Stored entries
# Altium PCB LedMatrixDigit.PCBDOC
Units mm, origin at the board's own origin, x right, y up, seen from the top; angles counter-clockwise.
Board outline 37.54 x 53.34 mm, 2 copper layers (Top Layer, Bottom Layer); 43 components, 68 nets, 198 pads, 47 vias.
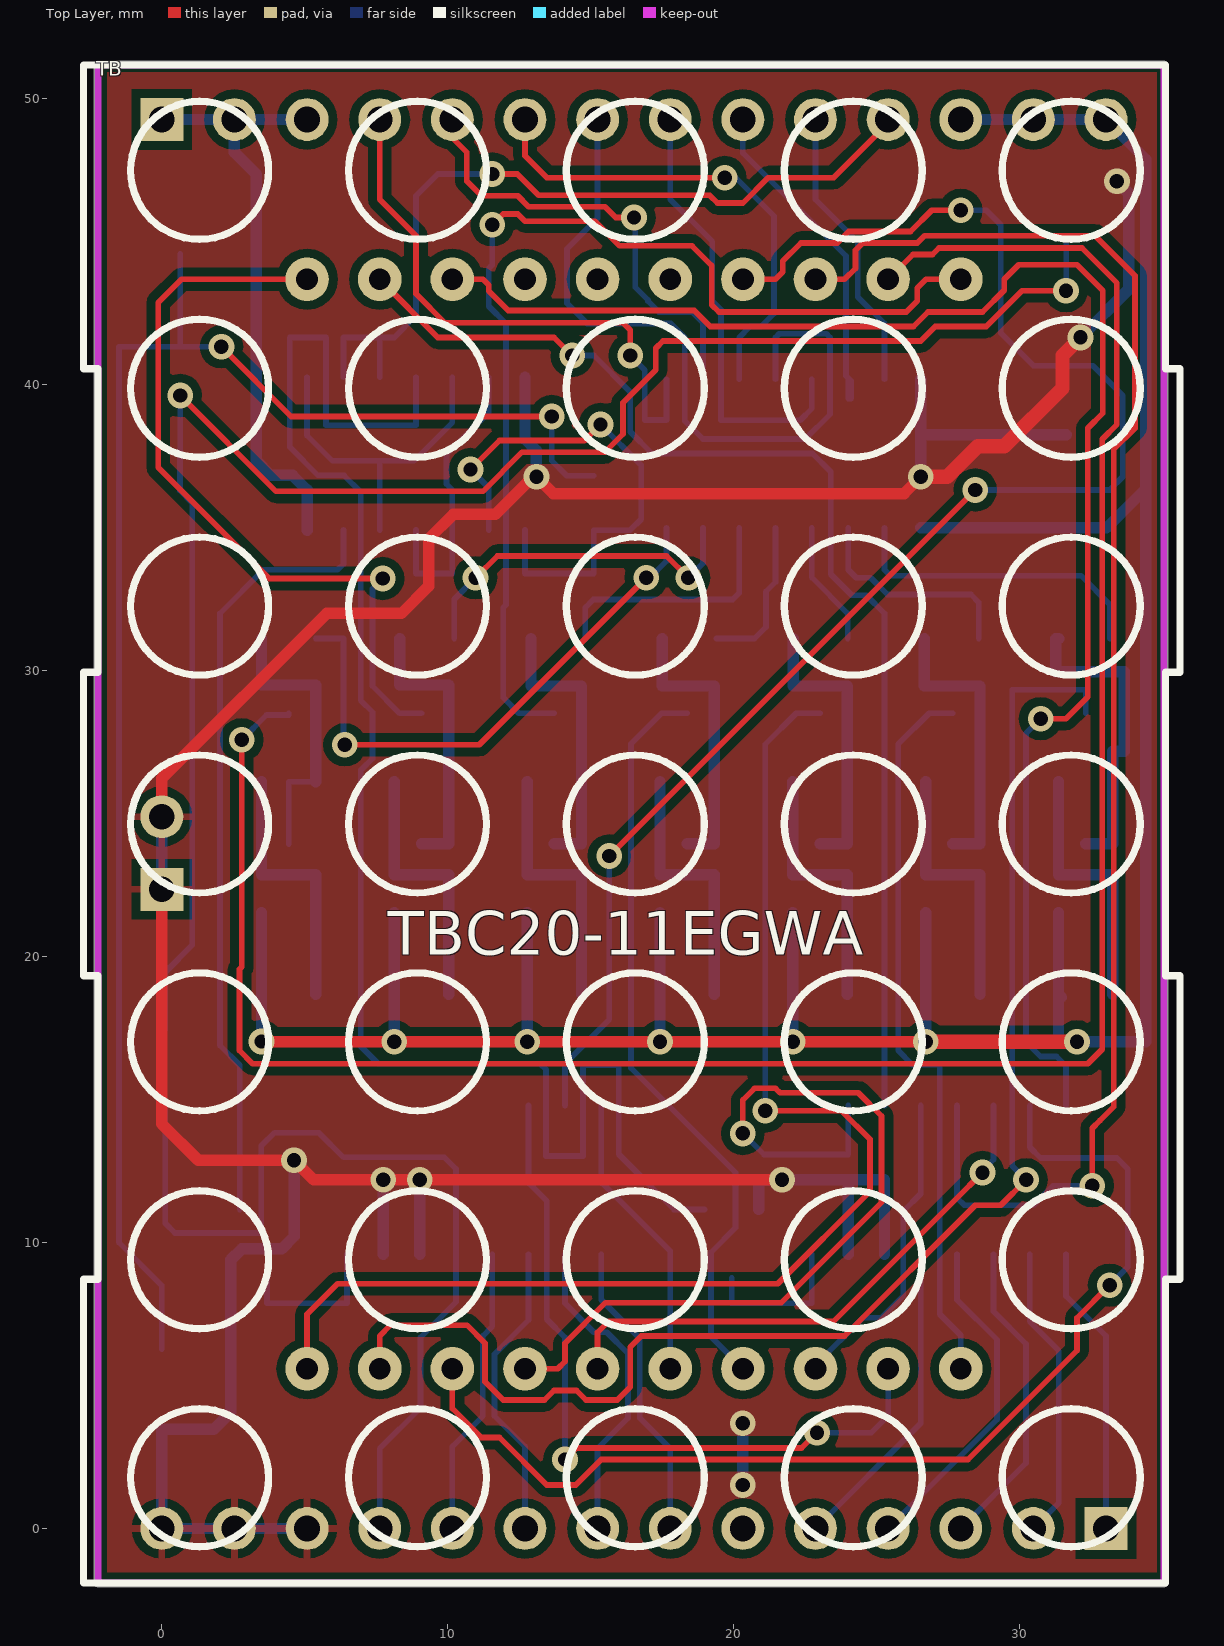
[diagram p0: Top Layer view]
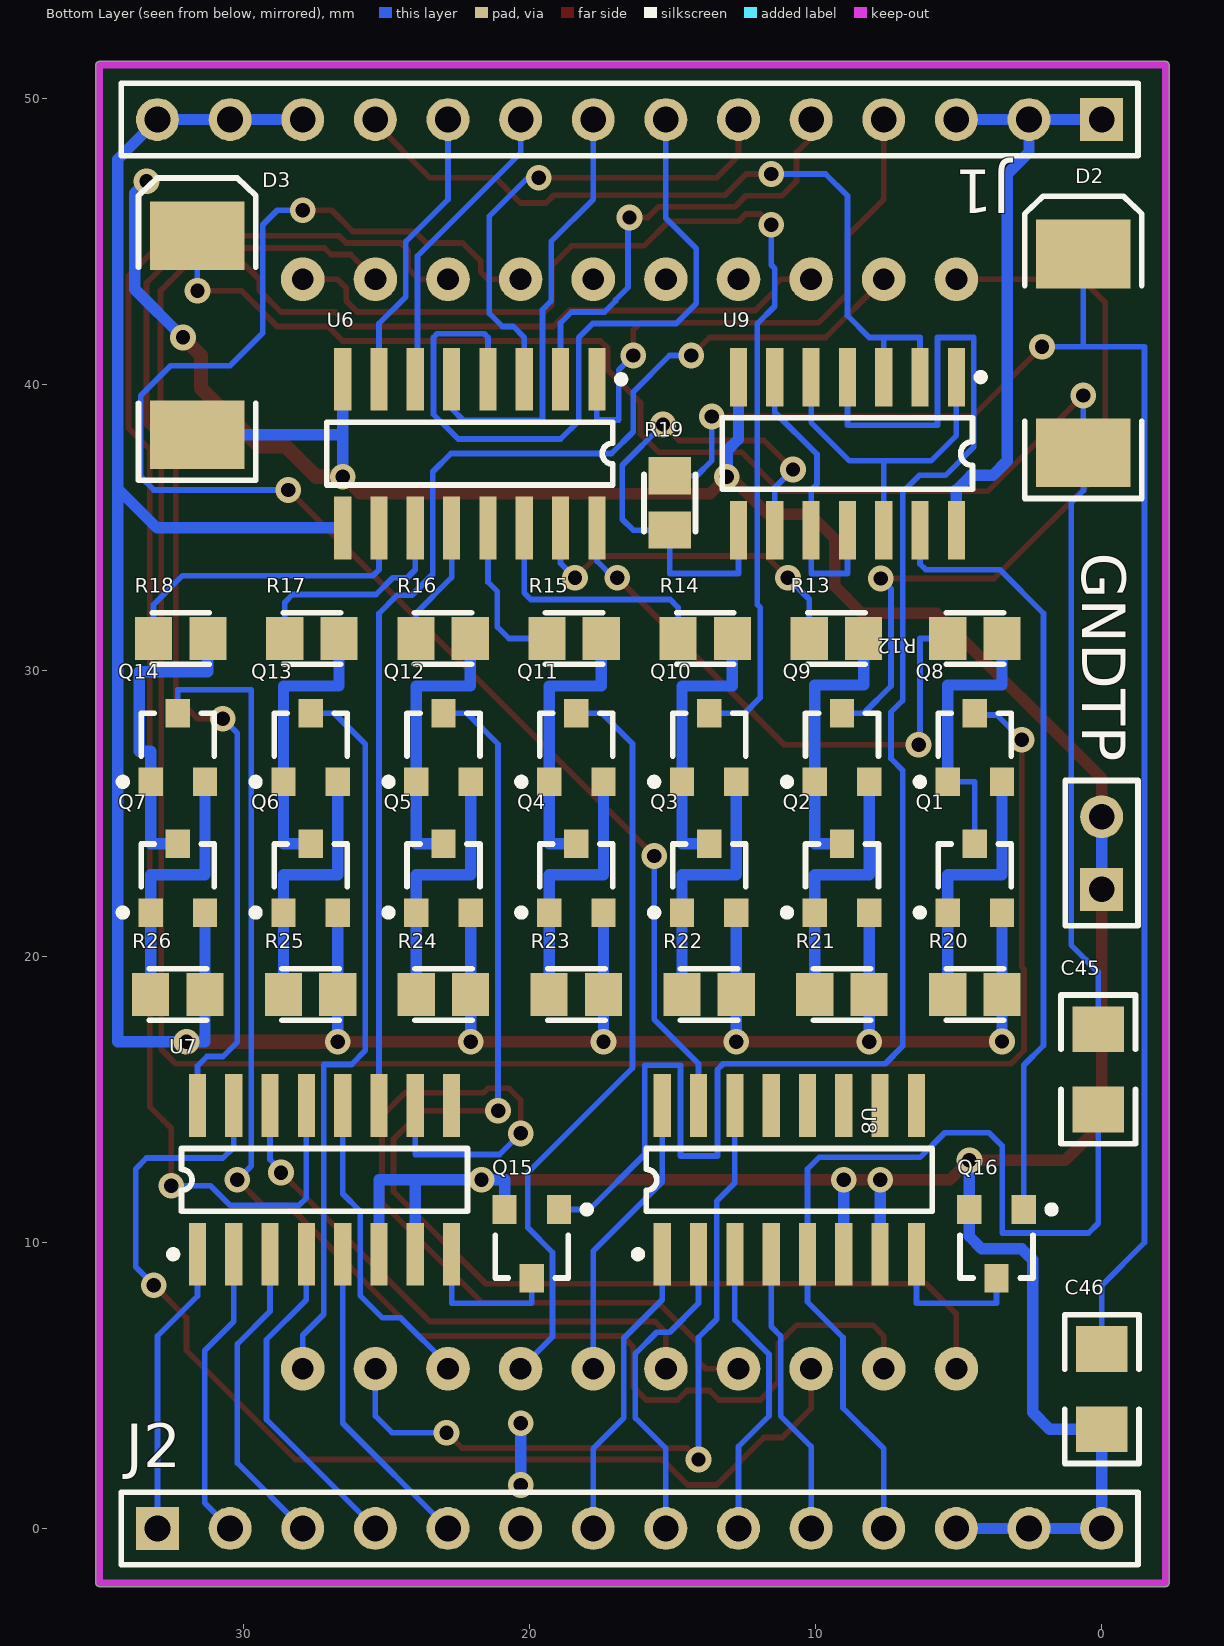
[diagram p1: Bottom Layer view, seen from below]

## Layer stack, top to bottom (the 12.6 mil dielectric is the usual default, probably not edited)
Top Layer: signal copper 0.0356
Dielectric: dielectric 0.32, FR-4, Dk 4.8
Bottom Layer: signal copper 0.0356

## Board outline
-2.363,-1.905 ccw(c-2.235,-1.905) -2.235,-2.032 35.052,-2.032 ccw(c35.052,-1.905) 35.179,-1.905 35.179,51.181 ccw(c35.052,51.181) 35.052,51.308 -2.235,51.308 ccw(c-2.235,51.181) -2.363,51.181

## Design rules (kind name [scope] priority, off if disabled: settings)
Clearance Clearance_PolygonToKeepOut [InPolygon vs OnLayer('Keep-Out Layer')] p1: gap=0.1
Clearance Clearance_Polygon [InPolygon] p2: gap=0.3
Clearance Clearance_PadViaSameNet [IsPad vs IsVia] p3: gap=0.2
Clearance [All] p4: gap=0.2
FabricationTestPointUsage TestPointUsage [All] p1: valid=0 allowmultiple=FALSE
FabricationTestpoint Testpoint [All] p1: side=3 testpointundercomponent=TRUE minsize=1.016 maxsize=2.54 preferedsize=1.524 minholesize=0 maxholesize=1.016 preferedholesize=0.813 testpointgrid=0.025 allowsidetop=TRUE allowsidebottom=TRUE usegrid=TRUE gridtolerance=0
PolygonConnect [All] p1: connectstyle=Relief reliefconductorwidth=0.254 reliefentries=4 polygonreliefangle="90 Angle"
RoomDefinition LedMatrixDigit [InComponentClass('LedMatrixDigit')] p1: confinementstyle=ConfineIn formatcopy=TRUE lockcomponents=FALSE outline -3.302,-2.413 36.068,-2.413 36.068,51.689 -3.302,51.689
RoutingVias [All] p1: holewidth=0.5 width=0.9 viastyle="Through Hole" minholewidth=0.5 minwidth=0.9 maxholewidth=0.5 maxwidth=0.9
SilkscreenOverComponentPads [All] p1: minsilkscreentomaskgap=0.254
SolderMaskExpansion [All] p1: expansion=0.102
Width Width_PolygonTracks [InPolygon] p1: maxlimit=0.3 minlimit=0.2 preferedwidth=0.2
Width Width_PowerNets [InNetClass('POWERNETS')] p2: maxlimit=2.5 minlimit=0.3 preferedwidth=0.4
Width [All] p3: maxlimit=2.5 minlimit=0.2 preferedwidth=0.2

Exercise instructions
From the entries above, pull out each line that includes "view".

Problem solution
[diagram p0: Top Layer view]
[diagram p1: Bottom Layer view, seen from below]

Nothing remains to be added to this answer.